Write out the listing verbatim. No pictures belong in it.

Records shown:

* * * * * * * * *

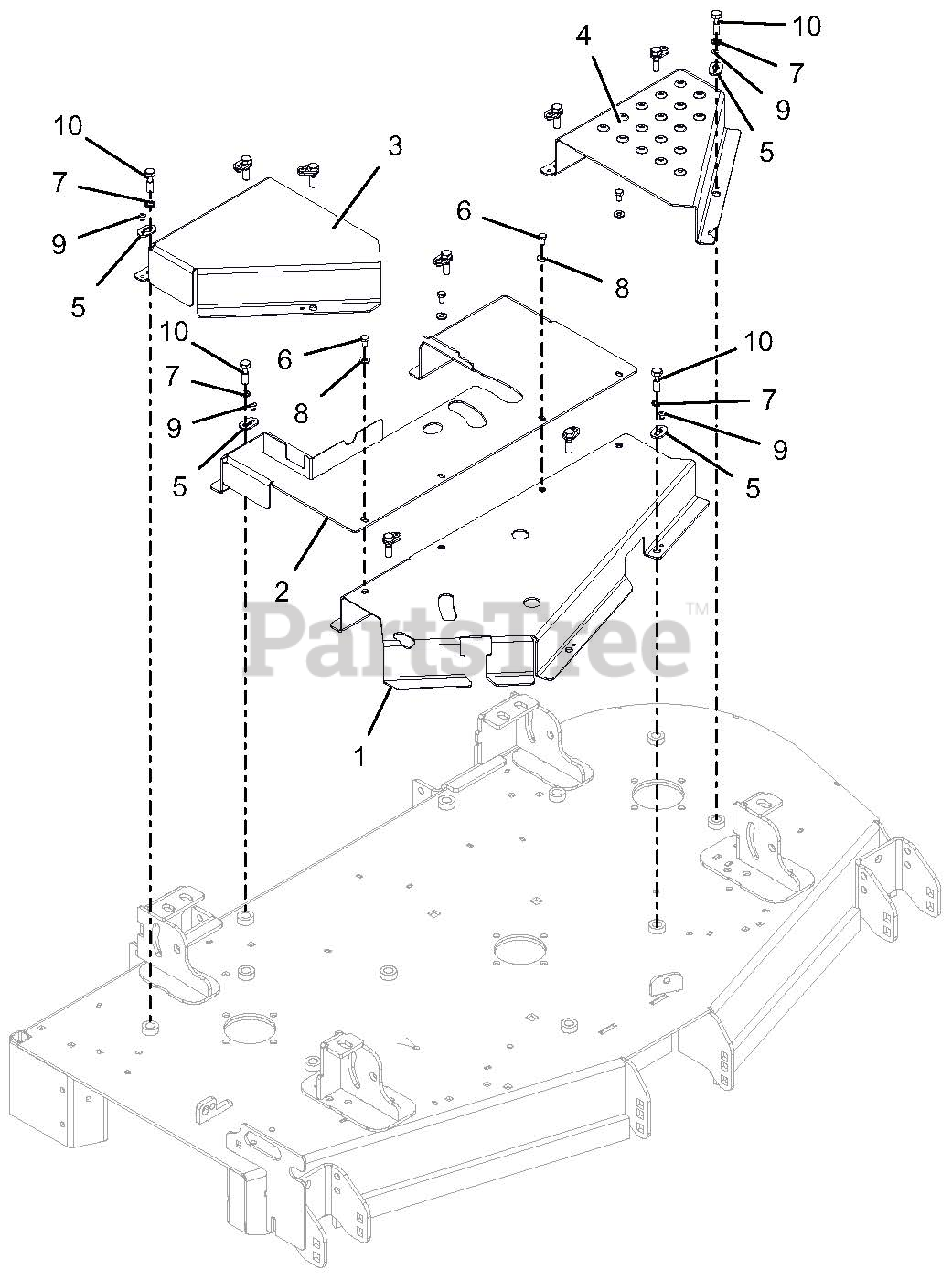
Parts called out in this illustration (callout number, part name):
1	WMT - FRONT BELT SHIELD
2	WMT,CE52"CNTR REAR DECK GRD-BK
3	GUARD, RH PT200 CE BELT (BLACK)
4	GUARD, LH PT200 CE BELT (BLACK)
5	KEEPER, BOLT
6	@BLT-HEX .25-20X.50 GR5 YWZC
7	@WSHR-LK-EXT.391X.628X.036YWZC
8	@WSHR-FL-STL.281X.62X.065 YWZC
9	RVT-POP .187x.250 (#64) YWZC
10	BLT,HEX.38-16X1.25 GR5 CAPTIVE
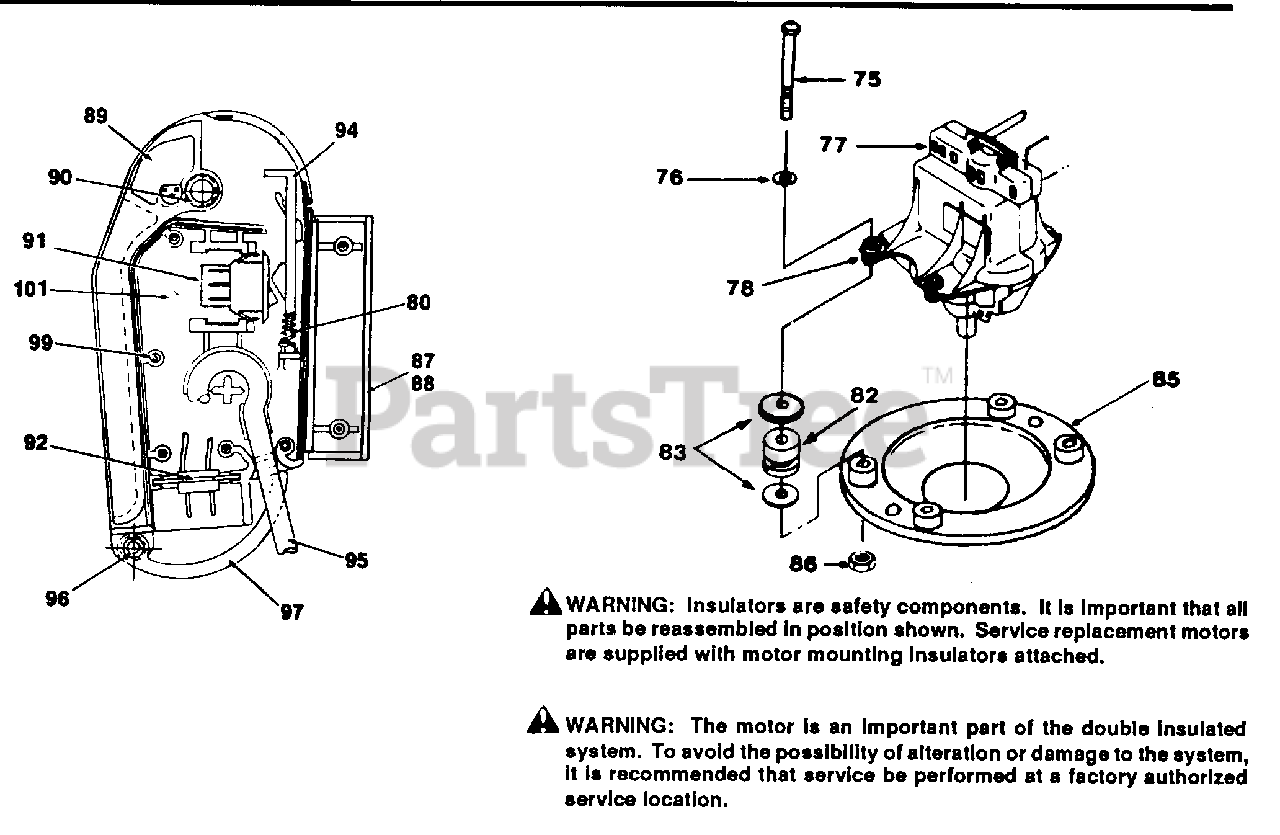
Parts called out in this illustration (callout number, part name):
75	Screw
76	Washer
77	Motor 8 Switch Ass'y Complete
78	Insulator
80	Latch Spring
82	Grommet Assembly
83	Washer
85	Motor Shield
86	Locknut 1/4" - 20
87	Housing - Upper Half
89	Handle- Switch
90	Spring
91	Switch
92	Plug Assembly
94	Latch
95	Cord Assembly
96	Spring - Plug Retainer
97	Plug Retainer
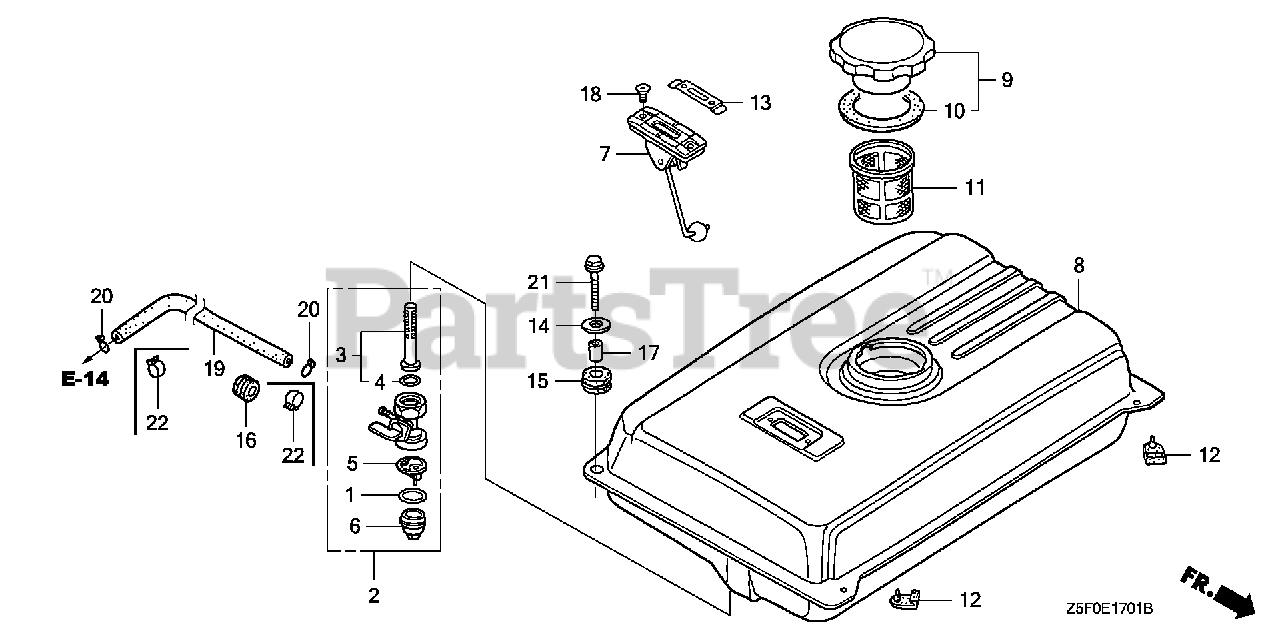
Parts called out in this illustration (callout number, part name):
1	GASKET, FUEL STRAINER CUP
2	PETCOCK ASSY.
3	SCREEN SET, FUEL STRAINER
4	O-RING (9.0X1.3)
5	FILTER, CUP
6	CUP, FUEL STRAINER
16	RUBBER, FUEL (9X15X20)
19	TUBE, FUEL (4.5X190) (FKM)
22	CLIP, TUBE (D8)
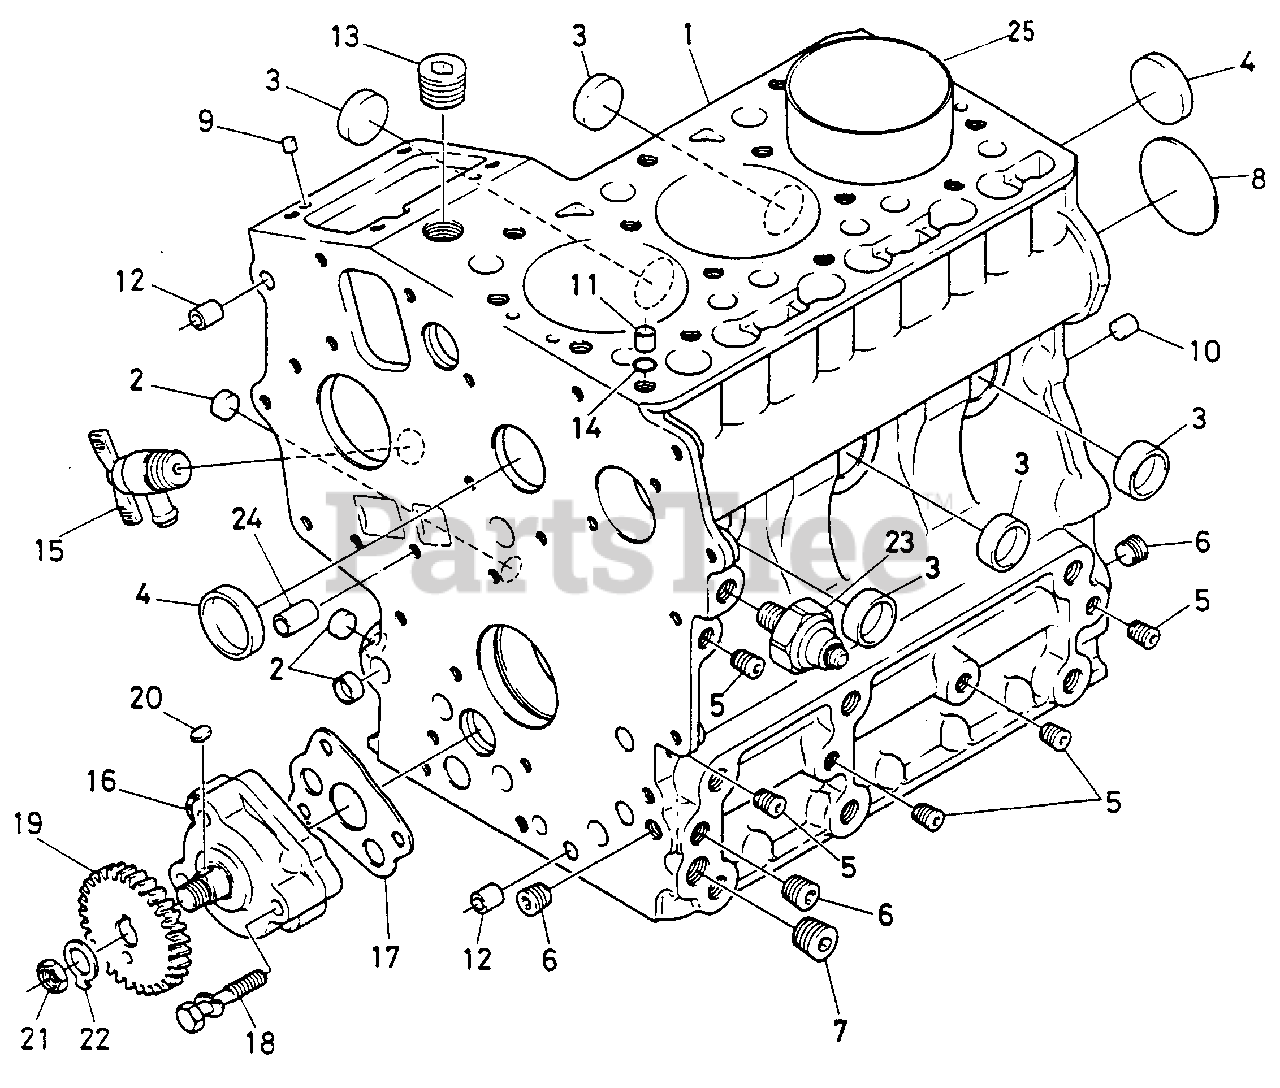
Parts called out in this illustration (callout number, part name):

* * * * * * * * *

Response:
Parts called out in this illustration (callout number, part name):
1	WMT - FRONT BELT SHIELD
2	WMT,CE52"CNTR REAR DECK GRD-BK
3	GUARD, RH PT200 CE BELT (BLACK)
4	GUARD, LH PT200 CE BELT (BLACK)
5	KEEPER, BOLT
6	@BLT-HEX .25-20X.50 GR5 YWZC
7	@WSHR-LK-EXT.391X.628X.036YWZC
8	@WSHR-FL-STL.281X.62X.065 YWZC
9	RVT-POP .187x.250 (#64) YWZC
10	BLT,HEX.38-16X1.25 GR5 CAPTIVE
Parts called out in this illustration (callout number, part name):
75	Screw
76	Washer
77	Motor 8 Switch Ass'y Complete
78	Insulator
80	Latch Spring
82	Grommet Assembly
83	Washer
85	Motor Shield
86	Locknut 1/4" - 20
87	Housing - Upper Half
89	Handle- Switch
90	Spring
91	Switch
92	Plug Assembly
94	Latch
95	Cord Assembly
96	Spring - Plug Retainer
97	Plug Retainer
Parts called out in this illustration (callout number, part name):
1	GASKET, FUEL STRAINER CUP
2	PETCOCK ASSY.
3	SCREEN SET, FUEL STRAINER
4	O-RING (9.0X1.3)
5	FILTER, CUP
6	CUP, FUEL STRAINER
16	RUBBER, FUEL (9X15X20)
19	TUBE, FUEL (4.5X190) (FKM)
22	CLIP, TUBE (D8)
Parts called out in this illustration (callout number, part name):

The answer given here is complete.